Look below. Copy each line that has "import" in it.

LISTED ENTRIES section start

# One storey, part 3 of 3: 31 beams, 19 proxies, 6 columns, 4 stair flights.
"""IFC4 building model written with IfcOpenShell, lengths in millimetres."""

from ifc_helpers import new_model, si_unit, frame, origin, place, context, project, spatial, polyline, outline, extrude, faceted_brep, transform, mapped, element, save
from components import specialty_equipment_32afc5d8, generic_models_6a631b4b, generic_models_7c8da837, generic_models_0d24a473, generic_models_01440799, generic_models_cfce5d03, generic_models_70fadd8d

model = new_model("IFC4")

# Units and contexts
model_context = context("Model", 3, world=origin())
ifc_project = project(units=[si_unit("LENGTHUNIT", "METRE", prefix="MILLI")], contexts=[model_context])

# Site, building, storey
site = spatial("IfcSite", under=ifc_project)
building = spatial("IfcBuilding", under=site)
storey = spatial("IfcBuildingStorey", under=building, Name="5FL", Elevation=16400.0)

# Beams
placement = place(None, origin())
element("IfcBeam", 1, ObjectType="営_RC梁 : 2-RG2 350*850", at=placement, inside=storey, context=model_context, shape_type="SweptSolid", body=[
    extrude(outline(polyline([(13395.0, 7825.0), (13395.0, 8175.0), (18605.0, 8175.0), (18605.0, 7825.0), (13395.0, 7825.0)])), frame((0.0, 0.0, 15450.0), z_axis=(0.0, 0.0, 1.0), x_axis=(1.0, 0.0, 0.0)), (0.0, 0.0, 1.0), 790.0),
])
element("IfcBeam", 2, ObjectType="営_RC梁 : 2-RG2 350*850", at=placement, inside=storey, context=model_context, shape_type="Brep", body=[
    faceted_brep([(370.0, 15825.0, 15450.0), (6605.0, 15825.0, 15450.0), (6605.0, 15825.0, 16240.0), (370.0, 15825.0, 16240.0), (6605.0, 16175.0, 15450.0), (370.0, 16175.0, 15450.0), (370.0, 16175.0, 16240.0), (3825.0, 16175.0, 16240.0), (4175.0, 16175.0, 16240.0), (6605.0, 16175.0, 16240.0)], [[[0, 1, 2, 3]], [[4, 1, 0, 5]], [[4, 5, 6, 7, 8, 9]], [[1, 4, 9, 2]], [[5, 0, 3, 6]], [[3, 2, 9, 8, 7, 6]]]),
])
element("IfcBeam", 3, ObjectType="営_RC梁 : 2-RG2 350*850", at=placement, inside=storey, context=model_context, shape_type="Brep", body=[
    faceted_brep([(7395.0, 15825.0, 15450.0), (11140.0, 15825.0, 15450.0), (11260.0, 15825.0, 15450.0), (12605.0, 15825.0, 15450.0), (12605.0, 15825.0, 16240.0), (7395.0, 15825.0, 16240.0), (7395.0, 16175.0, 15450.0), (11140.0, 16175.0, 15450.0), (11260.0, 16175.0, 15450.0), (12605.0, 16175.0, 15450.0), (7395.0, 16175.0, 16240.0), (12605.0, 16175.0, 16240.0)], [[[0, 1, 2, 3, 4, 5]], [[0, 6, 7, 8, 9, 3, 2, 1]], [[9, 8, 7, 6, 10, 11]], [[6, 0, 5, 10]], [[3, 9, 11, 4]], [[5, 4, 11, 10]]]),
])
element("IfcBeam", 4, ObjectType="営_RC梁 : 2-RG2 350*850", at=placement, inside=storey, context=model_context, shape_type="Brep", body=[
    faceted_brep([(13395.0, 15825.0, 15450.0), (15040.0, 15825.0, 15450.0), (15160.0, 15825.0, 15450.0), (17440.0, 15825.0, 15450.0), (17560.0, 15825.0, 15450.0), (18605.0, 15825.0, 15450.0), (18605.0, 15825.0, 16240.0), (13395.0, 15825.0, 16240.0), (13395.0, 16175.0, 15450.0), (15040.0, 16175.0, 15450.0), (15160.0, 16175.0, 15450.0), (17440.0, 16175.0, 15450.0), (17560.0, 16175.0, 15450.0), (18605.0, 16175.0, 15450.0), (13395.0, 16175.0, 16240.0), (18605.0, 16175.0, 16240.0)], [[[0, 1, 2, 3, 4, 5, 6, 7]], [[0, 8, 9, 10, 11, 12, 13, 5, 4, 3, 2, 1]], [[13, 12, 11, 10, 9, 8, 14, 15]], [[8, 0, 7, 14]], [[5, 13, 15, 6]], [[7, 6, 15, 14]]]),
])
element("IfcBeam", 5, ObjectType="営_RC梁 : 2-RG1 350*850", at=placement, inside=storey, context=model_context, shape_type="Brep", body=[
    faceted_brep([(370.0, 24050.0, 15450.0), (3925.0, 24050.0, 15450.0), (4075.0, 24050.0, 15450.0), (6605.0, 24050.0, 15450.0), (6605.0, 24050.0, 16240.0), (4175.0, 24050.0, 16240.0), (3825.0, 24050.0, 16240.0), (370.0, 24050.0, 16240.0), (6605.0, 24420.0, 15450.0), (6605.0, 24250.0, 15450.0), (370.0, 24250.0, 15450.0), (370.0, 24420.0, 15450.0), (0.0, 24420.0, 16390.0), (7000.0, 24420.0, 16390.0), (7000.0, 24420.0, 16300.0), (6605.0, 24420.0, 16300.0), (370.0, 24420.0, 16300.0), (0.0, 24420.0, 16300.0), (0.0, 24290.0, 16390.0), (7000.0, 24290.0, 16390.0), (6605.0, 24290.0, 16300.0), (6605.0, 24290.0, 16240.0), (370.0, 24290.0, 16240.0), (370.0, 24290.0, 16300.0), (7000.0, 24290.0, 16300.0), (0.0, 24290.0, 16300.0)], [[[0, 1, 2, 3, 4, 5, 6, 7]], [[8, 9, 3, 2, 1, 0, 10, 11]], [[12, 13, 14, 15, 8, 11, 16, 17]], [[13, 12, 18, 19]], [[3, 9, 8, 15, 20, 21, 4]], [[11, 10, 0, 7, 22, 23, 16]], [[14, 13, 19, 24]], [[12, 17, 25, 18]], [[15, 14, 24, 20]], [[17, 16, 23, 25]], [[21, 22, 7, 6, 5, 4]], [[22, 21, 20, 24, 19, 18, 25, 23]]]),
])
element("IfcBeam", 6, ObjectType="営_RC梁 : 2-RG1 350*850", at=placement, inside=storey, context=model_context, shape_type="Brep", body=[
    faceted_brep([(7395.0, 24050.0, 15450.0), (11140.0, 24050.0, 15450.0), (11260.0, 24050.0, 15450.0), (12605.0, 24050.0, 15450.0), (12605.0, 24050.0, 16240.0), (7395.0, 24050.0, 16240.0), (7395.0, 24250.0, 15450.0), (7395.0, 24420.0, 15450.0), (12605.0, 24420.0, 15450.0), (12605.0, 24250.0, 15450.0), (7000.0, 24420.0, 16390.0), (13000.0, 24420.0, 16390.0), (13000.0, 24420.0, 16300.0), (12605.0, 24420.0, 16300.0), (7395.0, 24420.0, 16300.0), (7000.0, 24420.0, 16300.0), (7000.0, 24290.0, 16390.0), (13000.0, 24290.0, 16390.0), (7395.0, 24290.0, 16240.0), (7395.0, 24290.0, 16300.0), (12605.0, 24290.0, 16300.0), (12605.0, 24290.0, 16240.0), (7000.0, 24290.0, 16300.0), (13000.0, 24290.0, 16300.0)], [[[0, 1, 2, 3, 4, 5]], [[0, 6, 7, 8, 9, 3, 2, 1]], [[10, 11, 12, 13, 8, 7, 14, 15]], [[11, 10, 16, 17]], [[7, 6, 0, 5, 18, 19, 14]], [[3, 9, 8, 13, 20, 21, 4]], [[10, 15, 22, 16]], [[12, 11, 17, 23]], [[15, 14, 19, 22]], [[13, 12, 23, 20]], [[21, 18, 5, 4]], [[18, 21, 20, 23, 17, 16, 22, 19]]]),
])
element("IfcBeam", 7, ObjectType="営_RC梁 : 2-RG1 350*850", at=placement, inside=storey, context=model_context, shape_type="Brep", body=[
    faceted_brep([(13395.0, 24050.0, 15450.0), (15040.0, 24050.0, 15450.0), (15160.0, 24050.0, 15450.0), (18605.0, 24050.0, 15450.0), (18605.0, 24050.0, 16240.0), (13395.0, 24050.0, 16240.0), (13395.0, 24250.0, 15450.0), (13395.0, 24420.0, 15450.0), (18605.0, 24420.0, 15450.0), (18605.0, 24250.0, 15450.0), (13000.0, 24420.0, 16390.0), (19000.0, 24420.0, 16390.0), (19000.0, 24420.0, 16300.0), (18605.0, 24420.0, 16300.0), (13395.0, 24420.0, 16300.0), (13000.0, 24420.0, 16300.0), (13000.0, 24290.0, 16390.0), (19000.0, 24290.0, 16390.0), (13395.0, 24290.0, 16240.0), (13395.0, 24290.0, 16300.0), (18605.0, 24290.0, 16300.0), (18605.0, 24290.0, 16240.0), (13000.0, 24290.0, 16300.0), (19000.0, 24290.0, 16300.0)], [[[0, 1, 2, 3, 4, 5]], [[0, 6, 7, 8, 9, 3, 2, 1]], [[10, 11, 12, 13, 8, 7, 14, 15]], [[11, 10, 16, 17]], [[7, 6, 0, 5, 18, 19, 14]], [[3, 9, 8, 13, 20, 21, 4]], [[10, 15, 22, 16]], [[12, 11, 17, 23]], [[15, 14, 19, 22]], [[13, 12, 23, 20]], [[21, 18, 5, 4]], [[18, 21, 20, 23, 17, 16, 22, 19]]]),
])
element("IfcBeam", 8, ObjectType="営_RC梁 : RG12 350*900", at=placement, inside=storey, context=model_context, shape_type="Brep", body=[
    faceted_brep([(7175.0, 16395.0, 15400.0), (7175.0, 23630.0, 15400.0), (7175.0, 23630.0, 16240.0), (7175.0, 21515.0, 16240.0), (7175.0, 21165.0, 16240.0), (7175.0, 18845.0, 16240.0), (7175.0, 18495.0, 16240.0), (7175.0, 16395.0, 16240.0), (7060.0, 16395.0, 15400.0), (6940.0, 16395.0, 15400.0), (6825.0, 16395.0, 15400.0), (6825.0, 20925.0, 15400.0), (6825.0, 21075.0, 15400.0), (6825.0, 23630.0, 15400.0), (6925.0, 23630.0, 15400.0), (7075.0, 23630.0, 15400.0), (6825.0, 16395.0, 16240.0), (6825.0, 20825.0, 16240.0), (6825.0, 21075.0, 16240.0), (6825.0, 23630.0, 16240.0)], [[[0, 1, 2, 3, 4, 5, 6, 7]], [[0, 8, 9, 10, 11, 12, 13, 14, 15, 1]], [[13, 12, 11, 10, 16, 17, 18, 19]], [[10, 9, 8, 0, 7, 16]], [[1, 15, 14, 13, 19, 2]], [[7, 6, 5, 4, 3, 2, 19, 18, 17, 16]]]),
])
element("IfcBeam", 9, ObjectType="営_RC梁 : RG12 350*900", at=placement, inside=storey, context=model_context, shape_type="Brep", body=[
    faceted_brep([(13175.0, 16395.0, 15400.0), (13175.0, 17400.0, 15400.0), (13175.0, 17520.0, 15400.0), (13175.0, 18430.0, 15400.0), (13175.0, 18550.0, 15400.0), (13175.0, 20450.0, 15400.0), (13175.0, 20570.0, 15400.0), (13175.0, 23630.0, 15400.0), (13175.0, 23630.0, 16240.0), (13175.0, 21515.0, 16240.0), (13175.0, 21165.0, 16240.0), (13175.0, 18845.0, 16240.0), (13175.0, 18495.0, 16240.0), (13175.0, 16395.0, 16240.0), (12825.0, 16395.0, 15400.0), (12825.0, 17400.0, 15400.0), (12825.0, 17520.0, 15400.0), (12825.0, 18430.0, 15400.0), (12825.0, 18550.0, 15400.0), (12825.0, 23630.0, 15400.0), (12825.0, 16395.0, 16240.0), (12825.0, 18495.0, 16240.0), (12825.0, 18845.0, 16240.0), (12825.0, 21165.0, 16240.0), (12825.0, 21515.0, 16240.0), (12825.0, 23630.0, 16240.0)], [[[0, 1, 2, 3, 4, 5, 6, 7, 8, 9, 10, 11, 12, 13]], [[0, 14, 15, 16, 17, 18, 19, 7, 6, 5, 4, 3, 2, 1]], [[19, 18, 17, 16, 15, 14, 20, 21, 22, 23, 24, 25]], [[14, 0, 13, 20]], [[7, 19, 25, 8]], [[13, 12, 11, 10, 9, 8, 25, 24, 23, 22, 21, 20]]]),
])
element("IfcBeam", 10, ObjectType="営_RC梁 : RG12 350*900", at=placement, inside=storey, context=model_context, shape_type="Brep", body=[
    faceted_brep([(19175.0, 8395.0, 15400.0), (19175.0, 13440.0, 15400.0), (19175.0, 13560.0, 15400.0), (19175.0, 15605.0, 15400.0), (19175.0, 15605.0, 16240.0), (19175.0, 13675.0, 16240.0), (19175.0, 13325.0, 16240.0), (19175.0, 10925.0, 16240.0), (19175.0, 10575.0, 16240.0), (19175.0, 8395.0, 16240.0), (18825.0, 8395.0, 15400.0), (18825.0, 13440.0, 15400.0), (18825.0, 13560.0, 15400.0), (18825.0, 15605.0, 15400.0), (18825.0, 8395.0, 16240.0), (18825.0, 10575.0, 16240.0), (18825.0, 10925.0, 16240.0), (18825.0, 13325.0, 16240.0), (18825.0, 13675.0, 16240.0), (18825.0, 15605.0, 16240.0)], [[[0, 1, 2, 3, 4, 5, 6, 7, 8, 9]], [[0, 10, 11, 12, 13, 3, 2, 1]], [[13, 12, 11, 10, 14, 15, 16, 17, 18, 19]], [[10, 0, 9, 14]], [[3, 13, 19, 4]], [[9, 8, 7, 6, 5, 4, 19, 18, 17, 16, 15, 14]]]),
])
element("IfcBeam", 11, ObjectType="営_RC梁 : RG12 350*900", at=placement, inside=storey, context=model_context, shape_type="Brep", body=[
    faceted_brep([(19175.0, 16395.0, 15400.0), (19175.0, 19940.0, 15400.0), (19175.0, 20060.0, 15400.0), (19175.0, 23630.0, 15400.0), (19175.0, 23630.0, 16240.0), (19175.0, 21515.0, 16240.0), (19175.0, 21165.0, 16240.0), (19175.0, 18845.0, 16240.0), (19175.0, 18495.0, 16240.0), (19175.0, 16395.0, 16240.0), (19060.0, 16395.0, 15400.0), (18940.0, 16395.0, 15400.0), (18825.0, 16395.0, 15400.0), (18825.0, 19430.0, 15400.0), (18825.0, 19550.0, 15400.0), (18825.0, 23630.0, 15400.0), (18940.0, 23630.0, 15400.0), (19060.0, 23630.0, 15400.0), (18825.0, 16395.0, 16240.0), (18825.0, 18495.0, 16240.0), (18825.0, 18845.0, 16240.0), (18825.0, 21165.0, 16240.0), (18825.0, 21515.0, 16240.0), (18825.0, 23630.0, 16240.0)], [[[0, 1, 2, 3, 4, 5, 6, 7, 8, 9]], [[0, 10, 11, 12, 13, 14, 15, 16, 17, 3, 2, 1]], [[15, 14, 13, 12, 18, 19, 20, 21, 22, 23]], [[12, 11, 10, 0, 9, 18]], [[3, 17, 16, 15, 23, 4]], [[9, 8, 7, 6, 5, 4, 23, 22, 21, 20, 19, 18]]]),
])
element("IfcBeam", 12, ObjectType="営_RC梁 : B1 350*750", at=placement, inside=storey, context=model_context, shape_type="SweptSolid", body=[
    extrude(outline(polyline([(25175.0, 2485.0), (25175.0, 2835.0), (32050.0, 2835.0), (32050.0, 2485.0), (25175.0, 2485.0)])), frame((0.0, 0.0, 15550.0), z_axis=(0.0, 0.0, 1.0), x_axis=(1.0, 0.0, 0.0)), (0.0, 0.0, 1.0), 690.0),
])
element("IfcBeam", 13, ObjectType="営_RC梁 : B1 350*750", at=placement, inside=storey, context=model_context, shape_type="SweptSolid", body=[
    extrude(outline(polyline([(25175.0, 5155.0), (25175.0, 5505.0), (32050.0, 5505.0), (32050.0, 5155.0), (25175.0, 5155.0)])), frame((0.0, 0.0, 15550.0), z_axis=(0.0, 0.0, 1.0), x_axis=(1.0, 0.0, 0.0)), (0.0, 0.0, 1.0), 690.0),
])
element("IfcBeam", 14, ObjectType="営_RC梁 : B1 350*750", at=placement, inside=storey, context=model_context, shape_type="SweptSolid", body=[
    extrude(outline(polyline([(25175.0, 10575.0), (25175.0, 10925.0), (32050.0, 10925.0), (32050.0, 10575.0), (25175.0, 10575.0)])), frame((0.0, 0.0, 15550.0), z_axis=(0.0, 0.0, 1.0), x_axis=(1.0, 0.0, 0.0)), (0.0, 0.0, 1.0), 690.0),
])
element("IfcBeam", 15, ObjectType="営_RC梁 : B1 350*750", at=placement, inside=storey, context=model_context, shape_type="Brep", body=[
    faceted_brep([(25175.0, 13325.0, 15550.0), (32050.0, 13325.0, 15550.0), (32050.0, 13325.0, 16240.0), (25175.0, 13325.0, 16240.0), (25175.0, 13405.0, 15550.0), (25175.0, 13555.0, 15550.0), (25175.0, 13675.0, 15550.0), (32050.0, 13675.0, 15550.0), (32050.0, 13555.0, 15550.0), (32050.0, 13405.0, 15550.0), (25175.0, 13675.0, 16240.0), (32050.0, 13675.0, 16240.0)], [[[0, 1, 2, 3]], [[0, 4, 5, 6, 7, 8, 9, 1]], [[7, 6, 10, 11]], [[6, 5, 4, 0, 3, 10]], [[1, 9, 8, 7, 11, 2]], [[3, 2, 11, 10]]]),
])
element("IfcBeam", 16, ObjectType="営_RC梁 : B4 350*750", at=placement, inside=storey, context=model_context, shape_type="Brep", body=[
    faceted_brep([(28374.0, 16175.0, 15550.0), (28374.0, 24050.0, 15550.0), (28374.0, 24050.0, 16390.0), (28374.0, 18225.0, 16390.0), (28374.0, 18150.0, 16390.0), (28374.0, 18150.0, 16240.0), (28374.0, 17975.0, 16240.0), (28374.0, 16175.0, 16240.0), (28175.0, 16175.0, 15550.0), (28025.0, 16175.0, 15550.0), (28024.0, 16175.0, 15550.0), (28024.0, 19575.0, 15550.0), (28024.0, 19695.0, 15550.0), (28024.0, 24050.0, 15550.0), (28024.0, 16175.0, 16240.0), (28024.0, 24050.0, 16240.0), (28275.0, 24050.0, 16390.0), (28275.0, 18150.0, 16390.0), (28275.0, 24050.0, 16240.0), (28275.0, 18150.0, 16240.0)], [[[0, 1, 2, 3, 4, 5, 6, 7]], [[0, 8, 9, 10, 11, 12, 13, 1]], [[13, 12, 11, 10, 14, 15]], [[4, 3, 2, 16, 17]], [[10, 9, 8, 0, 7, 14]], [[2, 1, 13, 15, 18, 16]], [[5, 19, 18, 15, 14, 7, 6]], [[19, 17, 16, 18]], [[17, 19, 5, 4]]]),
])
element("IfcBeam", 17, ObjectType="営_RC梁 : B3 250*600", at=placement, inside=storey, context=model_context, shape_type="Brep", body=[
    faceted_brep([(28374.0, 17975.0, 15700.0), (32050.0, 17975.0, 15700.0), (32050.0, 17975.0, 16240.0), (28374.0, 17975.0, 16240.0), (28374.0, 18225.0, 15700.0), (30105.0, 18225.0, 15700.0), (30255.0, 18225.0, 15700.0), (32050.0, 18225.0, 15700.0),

LISTED ENTRIES section end

§ **PROBLEM SOLUTION**
from ifc_helpers import new_model, si_unit, frame, origin, place, context, project, spatial, polyline, outline, extrude, faceted_brep, transform, mapped, element, save
from components import specialty_equipment_32afc5d8, generic_models_6a631b4b, generic_models_7c8da837, generic_models_0d24a473, generic_models_01440799, generic_models_cfce5d03, generic_models_70fadd8d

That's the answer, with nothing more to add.